Но, встретив Смита, например, на вернисаже, он будет сама сердечность. Станет трясти руку и говорить, как рад встрече, лицо его засияет, источая дружбу, как солнце свои лучи. Смит ободрится в этом чудном животворном сиянии, а Рой чертовски вежливо скажет, что отдал бы руку на отсечение за то, чтоб написать хоть вполовину так, как Смит, — свою последнюю книгу. Однако стоит Рою предположить, что Смит его не заметил, сам он и не глянет в его сторону; но Смит-то заметил и просто не любит, чтобы его отталкивали. Смит язвителен. По его словам, прежде Рой был не прочь съесть с ним по бифштексу в плохоньком ресторанчике и провести месячишко в рыбачьей хижине Сент-Ива. Смит будет говорить, что Рой приспособленец, что он сноб, что он притворщик.
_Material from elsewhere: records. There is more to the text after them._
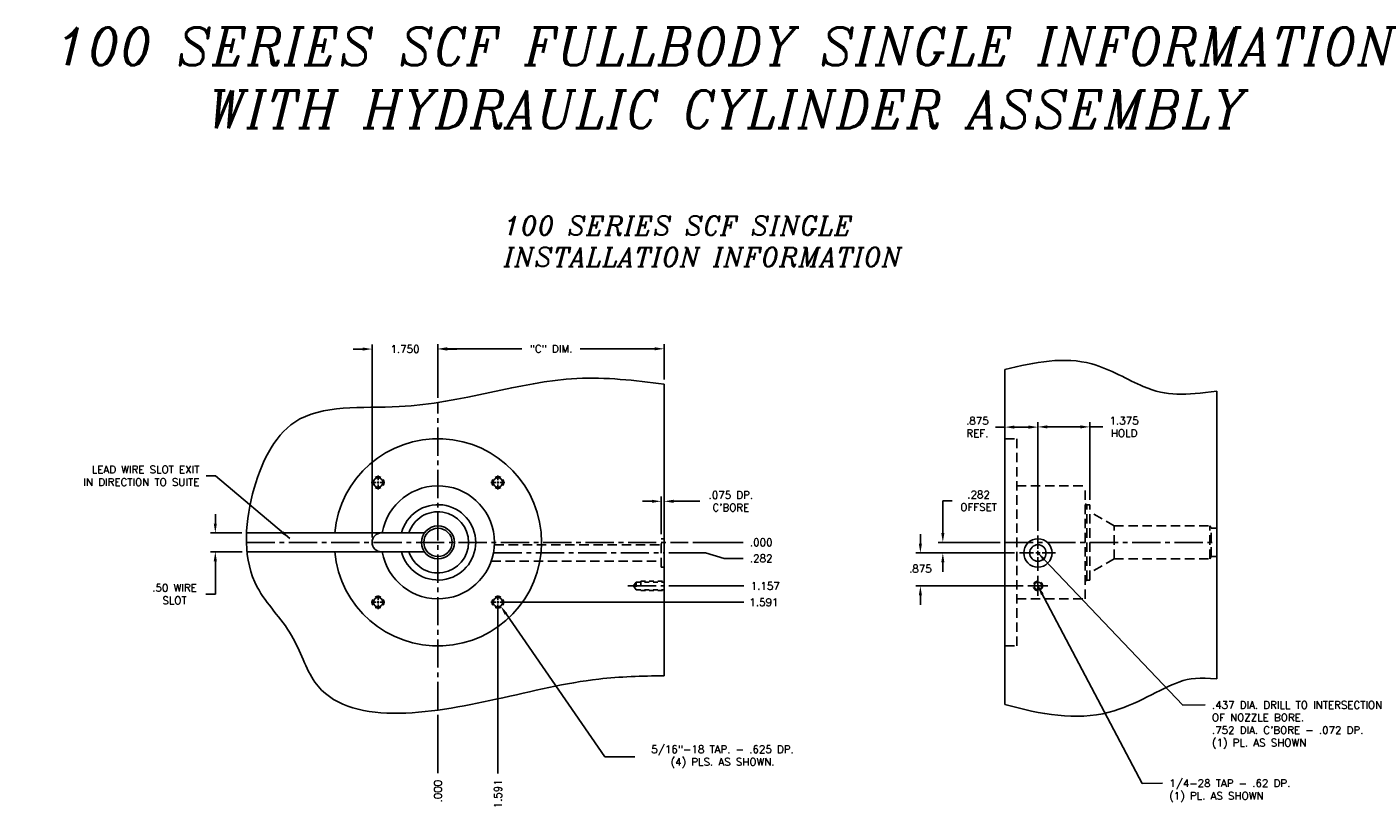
# Model space of a CAD drawing. Extents: x -79 to 56, y -28 to 58.
# Tile 18 of 23: x -34 to 1, y 37 to 58. Entities that reach past the tile are written whole.
import ezdxf

# ---------------------------------------------------------------- set-up
doc = ezdxf.new("R2010")
doc.units = 0
doc.header["$MEASUREMENT"] = 0
for name, pattern in [('CENTER2', [1.125, 0.75, -0.125, 0.125, -0.125]), ('HIDDEN', [0.375, 0.25, -0.125]), ('HIDDEN2', [0.1875, 0.125, -0.0625])]:
    doc.linetypes.add(name, pattern=pattern)
doc.layers.get('DEFPOINTS').update_dxf_attribs({"linetype": 'CONTINUOUS'})
for name, color, linetype in [('BORE_HIDDEN', 1, 'HIDDEN'), ('CP_TAPS_CENTER', 1, 'CENTER2'), ('CP_TAPS_HIDDEN', 1, 'HIDDEN2'), ('CP_TAPS_SOLID', 1, 'CONTINUOUS'), ('DIMENSIONS', 4, 'CONTINUOUS'), ('DSCV_BORE_CENTER', 22, 'CENTER2'), ('DSCV_BORE_SOLID', 1, 'CONTINUOUS'), ('NP_SHAPE_SOLID', 6, 'CONTINUOUS'), ('SCV200_BORE_TAPS_SOLID', 1, 'CONTINUOUS')]:
    doc.layers.add(name, color=color, linetype=linetype)
doc.styles.add('ITALIC', font='italic.shx')
doc.styles.add('ROMANS', font='romans.shx')
doc.dimstyles.new('CATALOG', dxfattribs={"dimscale": 2, "dimtxt": 0.1, "dimasz": 0.125, "dimexe": 0.0625, "dimexo": 0.0625, "dimgap": 0.09, "dimtad": 0, "dimtih": 1, "dimtoh": 1, "dimdec": 3, "dimzin": 4, "dimdsep": 46, "dimtxsty": 'ROMANS', "dimcen": 0, "dimclrd": 256, "dimclre": 256, "dimclrt": 256, "dimadec": 0, "dimazin": 0, "dimtfac": 0.7, "dimtdec": 3, "dimtofl": 0, "dimtmove": 0, "dimatfit": 3, "dimfxl": 1, "dimtolj": 1, "dimtzin": 4, "dimlwd": -1, "dimlwe": -1, "dimarcsym": 0})

# ---------------------------------------------------------------- blocks, each defined once
blk = doc.blocks.new('*D8')
at = {"layer": 'DEFPOINTS', "color": 0}
for p in [(-17.313, 49.218), (-17.313, 48.277), (-23.313, 47.794)]:
    blk.add_point(p, dxfattribs=at)
at = {"layer": 'DIMENSIONS'}
for p, q in [((-23.313, 47.919), (-23.313, 49.343)), ((-17.313, 48.402), (-17.313, 49.343)), ((-23.063, 49.218), (-21.088, 49.218)), ((-17.563, 49.218), (-19.538, 49.218))]:
    blk.add_line(p, q, dxfattribs=at)
for points in [[(-23.063, 49.26), (-23.063, 49.177), (-23.313, 49.218)], [(-17.563, 49.26), (-17.563, 49.177), (-17.313, 49.218)]]:
    blk.add_solid(points, dxfattribs=at)
at = {"layer": 'DIMENSIONS', "insert": (-20.313, 49.218), "char_height": 0.2, "attachment_point": 5, "style": 'ROMANS'}
blk.add_mtext('\\A1;"C" DIM.', dxfattribs=at)
blk = doc.blocks.new('*D9')
at = {"layer": 'DEFPOINTS', "color": 0}
for p in [(-21.722, 42.488), (-21.651, 42.385)]:
    blk.add_point(p, dxfattribs=at)
at = {"layer": 'DIMENSIONS'}
for p, q in [((-18.882, 38.385), (-21.508, 42.18)), ((-18.094, 38.385), (-18.882, 38.385))]:
    blk.add_line(p, q, dxfattribs=at)
blk.add_solid([(-21.474, 42.203), (-21.543, 42.156), (-21.651, 42.385)], dxfattribs=at)
at = {"layer": 'DIMENSIONS', "insert": (-15.762, 38.385), "char_height": 0.2, "attachment_point": 5, "style": 'ROMANS'}
blk.add_mtext('\\A1;5/16"-18 TAP. - .625 DP.\\P(4) PLS. AS SHOWN.', dxfattribs=at)
blk = doc.blocks.new('*D7')
at = {"layer": 'DEFPOINTS', "color": 0}
for p in [(-28.393, 44.329), (-29.22, 43.829), (-28.38, 43.829)]:
    blk.add_point(p, dxfattribs=at)
at = {"layer": 'DIMENSIONS'}
for p, q in [((-29.22, 44.579), (-29.22, 44.829)), ((-28.518, 44.329), (-29.345, 44.329)), ((-28.505, 43.829), (-29.345, 43.829)), ((-29.22, 43.579), (-29.22, 42.705)), ((-29.22, 42.705), (-29.47, 42.705))]:
    blk.add_line(p, q, dxfattribs=at)
for points in [[(-29.262, 44.579), (-29.179, 44.579), (-29.22, 44.329)], [(-29.262, 43.579), (-29.179, 43.579), (-29.22, 43.829)]]:
    blk.add_solid(points, dxfattribs=at)
at = {"layer": 'DIMENSIONS', "insert": (-30.303, 42.705), "char_height": 0.2, "attachment_point": 5, "style": 'ROMANS'}
blk.add_mtext('\\A1;.50 WIRE\\PSLOT', dxfattribs=at)
blk = doc.blocks.new('*D13')
at = {"layer": 'DEFPOINTS', "color": 0}
for p in [(-23.313, 44.079), (-16.678, 44.079), (-15.217, 44.079)]:
    blk.add_point(p, dxfattribs=at)
at = {"layer": 'DIMENSIONS'}
blk.add_line((-16.553, 44.079), (-15.217, 44.079), dxfattribs=at)
at = {"layer": 'DIMENSIONS', "insert": (-14.737, 44.079), "char_height": 0.2, "attachment_point": 5, "style": 'ROMANS'}
blk.add_mtext('\\A1;.000 ', dxfattribs=at)
blk = doc.blocks.new('*D14')
at = {"layer": 'DEFPOINTS', "color": 0}
for p in [(-23.313, 44.079), (-21.722, 42.488), (-15.202, 42.488)]:
    blk.add_point(p, dxfattribs=at)
at = {"layer": 'DIMENSIONS'}
blk.add_line((-21.597, 42.488), (-15.202, 42.488), dxfattribs=at)
at = {"layer": 'DIMENSIONS', "insert": (-14.665, 42.488), "char_height": 0.2, "attachment_point": 5, "style": 'ROMANS'}
blk.add_mtext('\\A1;1.591 ', dxfattribs=at)
blk = doc.blocks.new('*D15')
at = {"layer": 'DEFPOINTS', "color": 0}
for p in [(-23.313, 44.079), (-17.313, 42.922), (-15.195, 42.922)]:
    blk.add_point(p, dxfattribs=at)
at = {"layer": 'DIMENSIONS'}
blk.add_line((-17.188, 42.922), (-15.195, 42.922), dxfattribs=at)
at = {"layer": 'DIMENSIONS', "insert": (-14.629, 42.922), "char_height": 0.2, "attachment_point": 5, "style": 'ROMANS'}
blk.add_mtext('\\A1;1.157 ', dxfattribs=at)
blk = doc.blocks.new('*D16')
at = {"layer": 'DEFPOINTS', "color": 0}
for p in [(-23.313, 44.079), (-17.313, 43.797), (-15.217, 43.654)]:
    blk.add_point(p, dxfattribs=at)
at = {"layer": 'DIMENSIONS'}
for p, q in [((-17.188, 43.797), (-16.217, 43.797)), ((-16.217, 43.797), (-15.717, 43.654)), ((-15.717, 43.654), (-15.217, 43.654))]:
    blk.add_line(p, q, dxfattribs=at)
at = {"layer": 'DIMENSIONS', "insert": (-14.737, 43.654), "char_height": 0.2, "attachment_point": 5, "style": 'ROMANS'}
blk.add_mtext('\\A1;.282 ', dxfattribs=at)
blk = doc.blocks.new('*D17')
at = {"layer": 'DEFPOINTS', "color": 0}
for p in [(-23.313, 44.079), (-23.313, 39.627), (-23.313, 37.953)]:
    blk.add_point(p, dxfattribs=at)
at = {"layer": 'DIMENSIONS'}
blk.add_line((-23.313, 39.502), (-23.313, 37.953), dxfattribs=at)
at = {"layer": 'DIMENSIONS', "insert": (-23.313, 37.473), "char_height": 0.2, "attachment_point": 5, "rotation": 90, "style": 'ROMANS'}
blk.add_mtext('\\A1;.000 ', dxfattribs=at)
blk = doc.blocks.new('*D18')
at = {"layer": 'DEFPOINTS', "color": 0}
for p in [(-23.313, 44.079), (-21.722, 42.488), (-21.722, 37.939)]:
    blk.add_point(p, dxfattribs=at)
at = {"layer": 'DIMENSIONS'}
blk.add_line((-21.722, 42.363), (-21.722, 37.939), dxfattribs=at)
at = {"layer": 'DIMENSIONS', "insert": (-21.722, 37.402), "char_height": 0.2, "attachment_point": 5, "rotation": 90, "style": 'ROMANS'}
blk.add_mtext('\\A1;1.591 ', dxfattribs=at)
blk = doc.blocks.new('*D19')
at = {"layer": 'DEFPOINTS', "color": 0}
for p in [(-23.313, 49.211), (-23.313, 47.794), (-25.063, 44.079)]:
    blk.add_point(p, dxfattribs=at)
at = {"layer": 'DIMENSIONS'}
for p, q in [((-25.063, 44.204), (-25.063, 49.336)), ((-23.313, 47.919), (-23.313, 49.336)), ((-25.313, 49.211), (-25.563, 49.211)), ((-23.063, 49.211), (-22.813, 49.211))]:
    blk.add_line(p, q, dxfattribs=at)
for points in [[(-25.313, 49.252), (-25.313, 49.169), (-25.063, 49.211)], [(-23.063, 49.252), (-23.063, 49.169), (-23.313, 49.211)]]:
    blk.add_solid(points, dxfattribs=at)
at = {"layer": 'DIMENSIONS', "insert": (-24.188, 49.211), "char_height": 0.2, "attachment_point": 5, "style": 'ROMANS'}
blk.add_mtext('\\A1;1.750 ', dxfattribs=at)
blk = doc.blocks.new('*D20')
at = {"layer": 'DEFPOINTS', "color": 0}
for p in [(-17.388, 45.169), (-17.388, 44.173), (-17.313, 44.173)]:
    blk.add_point(p, dxfattribs=at)
at = {"layer": 'DIMENSIONS'}
for p, q in [((-17.638, 45.169), (-17.888, 45.169)), ((-17.388, 44.298), (-17.388, 45.294)), ((-17.313, 44.298), (-17.313, 45.294)), ((-17.063, 45.169), (-16.364, 45.169))]:
    blk.add_line(p, q, dxfattribs=at)
for points in [[(-17.638, 45.21), (-17.638, 45.127), (-17.388, 45.169)], [(-17.063, 45.21), (-17.063, 45.127), (-17.313, 45.169)]]:
    blk.add_solid(points, dxfattribs=at)
at = {"layer": 'DIMENSIONS', "insert": (-15.542, 45.169), "char_height": 0.2, "attachment_point": 5, "style": 'ROMANS'}
blk.add_mtext("\\A1;.075 DP.\\PC'BORE", dxfattribs=at)
blk = doc.blocks.new('*D21')
at = {"layer": 'DEFPOINTS', "color": 0}
for p in [(-7.396, 47.144), (-6.021, 45.079), (-7.396, 44.264)]:
    blk.add_point(p, dxfattribs=at)
at = {"layer": 'DIMENSIONS'}
for p, q in [((-7.396, 44.389), (-7.396, 47.269)), ((-7.146, 47.144), (-6.271, 47.144)), ((-6.021, 45.204), (-6.021, 47.269)), ((-6.021, 47.144), (-5.674, 47.144))]:
    blk.add_line(p, q, dxfattribs=at)
for points in [[(-7.146, 47.186), (-7.146, 47.103), (-7.396, 47.144)], [(-6.271, 47.186), (-6.271, 47.103), (-6.021, 47.144)]]:
    blk.add_solid(points, dxfattribs=at)
at = {"layer": 'DIMENSIONS', "insert": (-5.109, 47.144), "char_height": 0.2, "attachment_point": 5, "style": 'ROMANS'}
blk.add_mtext('\\A1;1.375 \\PHOLD', dxfattribs=at)
blk = doc.blocks.new('*D22')
at = {"layer": 'DEFPOINTS', "color": 0}
for p in [(-8.271, 44.079), (-9.918, 43.797), (-7.888, 43.797)]:
    blk.add_point(p, dxfattribs=at)
at = {"layer": 'DIMENSIONS'}
for p, q in [((-9.918, 44.329), (-9.918, 45.181)), ((-9.918, 45.181), (-9.668, 45.181)), ((-8.396, 44.079), (-10.043, 44.079)), ((-8.013, 43.797), (-10.043, 43.797)), ((-9.918, 43.547), (-9.918, 43.297))]:
    blk.add_line(p, q, dxfattribs=at)
for points in [[(-9.96, 44.329), (-9.877, 44.329), (-9.918, 44.079)], [(-9.96, 43.547), (-9.877, 43.547), (-9.918, 43.797)]]:
    blk.add_solid(points, dxfattribs=at)
at = {"layer": 'DIMENSIONS', "insert": (-8.969, 45.181), "char_height": 0.2, "attachment_point": 5, "style": 'ROMANS'}
blk.add_mtext('\\A1;.282 \\POFFSET', dxfattribs=at)
blk = doc.blocks.new('*D23')
at = {"layer": 'DEFPOINTS', "color": 0}
for p in [(-7.888, 43.797), (-10.514, 42.922), (-7.662, 42.922)]:
    blk.add_point(p, dxfattribs=at)
at = {"layer": 'DIMENSIONS'}
for p, q in [((-10.514, 44.047), (-10.514, 44.297)), ((-8.013, 43.797), (-10.639, 43.797)), ((-7.787, 42.922), (-10.639, 42.922)), ((-10.514, 42.672), (-10.514, 42.422))]:
    blk.add_line(p, q, dxfattribs=at)
for points in [[(-10.555, 44.047), (-10.472, 44.047), (-10.514, 43.797)], [(-10.555, 42.672), (-10.472, 42.672), (-10.514, 42.922)]]:
    blk.add_solid(points, dxfattribs=at)
at = {"layer": 'DIMENSIONS', "insert": (-10.514, 43.378), "char_height": 0.2, "attachment_point": 5, "style": 'ROMANS'}
blk.add_mtext('\\A1;.875 ', dxfattribs=at)
blk = doc.blocks.new('*D53')
at = {"layer": 'DEFPOINTS', "color": 0}
for p in [(-8.271, 47.139), (-8.271, 46.829), (-7.396, 44.264)]:
    blk.add_point(p, dxfattribs=at)
at = {"layer": 'DIMENSIONS'}
for p, q in [((-8.271, 46.954), (-8.271, 47.264)), ((-7.396, 44.389), (-7.396, 47.264)), ((-8.271, 47.139), (-8.521, 47.139)), ((-7.646, 47.139), (-8.021, 47.139))]:
    blk.add_line(p, q, dxfattribs=at)
for points in [[(-8.021, 47.18), (-8.021, 47.097), (-8.271, 47.139)], [(-7.646, 47.18), (-7.646, 47.097), (-7.396, 47.139)]]:
    blk.add_solid(points, dxfattribs=at)
at = {"layer": 'DIMENSIONS', "insert": (-9.001, 47.139), "char_height": 0.2, "attachment_point": 5, "style": 'ROMANS'}
blk.add_mtext('\\A1;.875 \\PREF.', dxfattribs=at)

msp = doc.modelspace()

# ---------------------------------------------------------------- linework, layer by layer
at = {"layer": 'BORE_HIDDEN'}
for p, q in [((-8.2707, 46.8289), (-7.9577, 46.8289)), ((-7.9577, 41.3289), (-7.9577, 46.8289)), ((-7.9577, 45.5789), (-6.1457, 45.5789)), ((-6.1457, 42.5789), (-6.1457, 45.5789)), ((-6.1007, 45.0794), (-6.1457, 45.1054)), ((-6.1007, 45.0794), (-6.0207, 45.0794)), ((-6.1007, 43.0784), (-6.1007, 45.0794)), ((-6.0207, 43.0784), (-6.0207, 45.0794)), ((-5.3707, 44.5164), (-6.0207, 44.8917)), ((-5.3707, 44.5164), (-2.8316, 44.5164)), ((-5.3707, 43.6414), (-5.3707, 44.5164)), ((-2.8316, 43.6414), (-2.8316, 44.5164)), ((-2.7957, 44.4542), (-2.8316, 44.5164)), ((-2.7957, 44.4542), (-2.6457, 44.4542)), ((-2.7957, 43.7037), (-2.7957, 44.4542)), ((-21.8142, 44.0154), (-17.3879, 44.0154)), ((-17.3879, 43.4209), (-17.3879, 44.1729)), ((-17.3879, 44.1729), (-17.3129, 44.1729)), ((-21.8989, 43.5784), (-17.3879, 43.5784)), ((-5.3707, 43.6414), (-6.0207, 43.2661)), ((-5.3707, 43.6414), (-2.8316, 43.6414)), ((-2.7957, 43.7037), (-2.8316, 43.6414)), ((-2.7957, 43.7037), (-2.6457, 43.7037)), ((-17.3879, 43.4209), (-17.3129, 43.4209)), ((-6.1007, 43.0784), (-6.1457, 43.0524)), ((-6.1007, 43.0784), (-6.0207, 43.0784)), ((-7.9577, 42.5789), (-6.1457, 42.5789)), ((-8.2707, 41.3289), (-7.9577, 41.3289))]:
    msp.add_line(p, q, dxfattribs=at)
at = {"layer": 'CP_TAPS_CENTER'}
for p, q in [((-18.2766, 42.9219), (-17.3129, 42.9219)), ((-7.3957, 42.9219), (-7.6617, 42.9219)), ((-7.3957, 42.9219), (-7.3957, 43.1879)), ((-7.3957, 42.9219), (-7.3957, 42.6559)), ((-7.3957, 42.9219), (-7.1297, 42.9219))]:
    msp.add_line(p, q, dxfattribs=at)
at = {"layer": 'CP_TAPS_HIDDEN'}
for p, q in [((-18.0579, 43.0239), (-18.1259, 42.9219)), ((-18.1259, 42.9219), (-18.0579, 42.8199)), ((-18.0579, 43.0239), (-17.3129, 43.0239)), ((-18.0579, 43.0239), (-18.0579, 42.8199)), ((-17.9329, 43.0469), (-17.3129, 43.0469)), ((-17.9329, 43.0469), (-17.9329, 42.7969)), ((-18.0579, 42.8199), (-17.3129, 42.8199)), ((-17.9329, 42.7969), (-17.3129, 42.7969))]:
    msp.add_line(p, q, dxfattribs=at)
msp.add_circle((-7.3957, 42.9219), 0.125, dxfattribs=at)
at = {"layer": 'CP_TAPS_SOLID'}
msp.add_circle((-7.3957, 42.9219), 0.102, dxfattribs=at)
at = {"layer": 'DSCV_BORE_CENTER'}
for p, q in [((-23.3129, 39.6273), (-23.3129, 47.7936)), ((-28.395, 44.0789), (-16.6776, 44.0789)), ((-8.2707, 44.0789), (-2.6457, 44.0789)), ((-21.8396, 43.7969), (-17.3129, 43.7969))]:
    msp.add_line(p, q, dxfattribs=at)
at = {"layer": 'DSCV_BORE_SOLID'}
for p, q in [((-28.3928, 44.3289), (-23.6719, 44.3289)), ((-7.3957, 43.9109), (-7.3957, 44.2639)), ((-28.3796, 43.8289), (-23.6719, 43.8289)), ((-7.5097, 43.7969), (-7.8884, 43.7969)), ((-7.3387, 43.7969), (-7.4527, 43.7969)), ((-7.3957, 43.8539), (-7.3957, 43.7399)), ((-7.3957, 43.6823), (-7.3957, 43.322)), ((-7.2817, 43.7969), (-6.9265, 43.7969))]:
    msp.add_line(p, q, dxfattribs=at)
for centre, radius in [((-23.3129, 44.0789), 0.4375), ((-23.3129, 44.0789), 0.3752), ((-7.3957, 43.7969), 0.376), ((-7.3957, 43.7969), 0.2185)]:
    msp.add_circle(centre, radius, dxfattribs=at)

Здесь Смит неправ. Самой яркой чертой Олроя Кира остается его искренность. Нельзя быть притворщиком двадцать пять лет кряду. Притворство — самый трудоемкий и расшатывающий нервы порок, какому только подвержен человек; притворство требует неусыпной бдительности и редкостного самоотречения. Им нельзя заниматься на досуге, как прелюбодейством или обжорством; это постоянная, без выходных, работа. Она также требует циничного юмора; хотя Рой столько смеялся, я никогда не замечал за ним особого чувства юмора и совершенно убежден, что цинизм ему не под силу. Правда, немногие из его романов я дочитал до конца, но начинал многие, и скажу, что искренность оставила печать на каждой из многочисленных страниц. Тут залог его устойчивой популярности. Рой в любой текущий момент искренне верил в то, во что верили другие. Писал романы об аристократии — и искренне верил, что ее представители, расточительные и безнравственные, все-таки наделены благородством и врожденным призванием управлять Британской империей; когда же стал писать о средних сословиях, то искренне верил, что они и есть становой хребет страны. Подлецы у него всегда были подлы, герои героичны, а девушки непорочны.
Автора положительной рецензии Рой приглашал на ленч из искренней благодарности за доброе слово, автора неположительной — из искреннего желания совершенствоваться. Когда безвестные почитатели из Техаса или Западной Австралии приезжали в Лондон, он водил их в Национальную галерею не только из тяги к известности у публики, но и ради искреннего интереса к их пониманию искусства. Стоило лишь раз прослушать его лекцию, чтобы увериться в его искренности.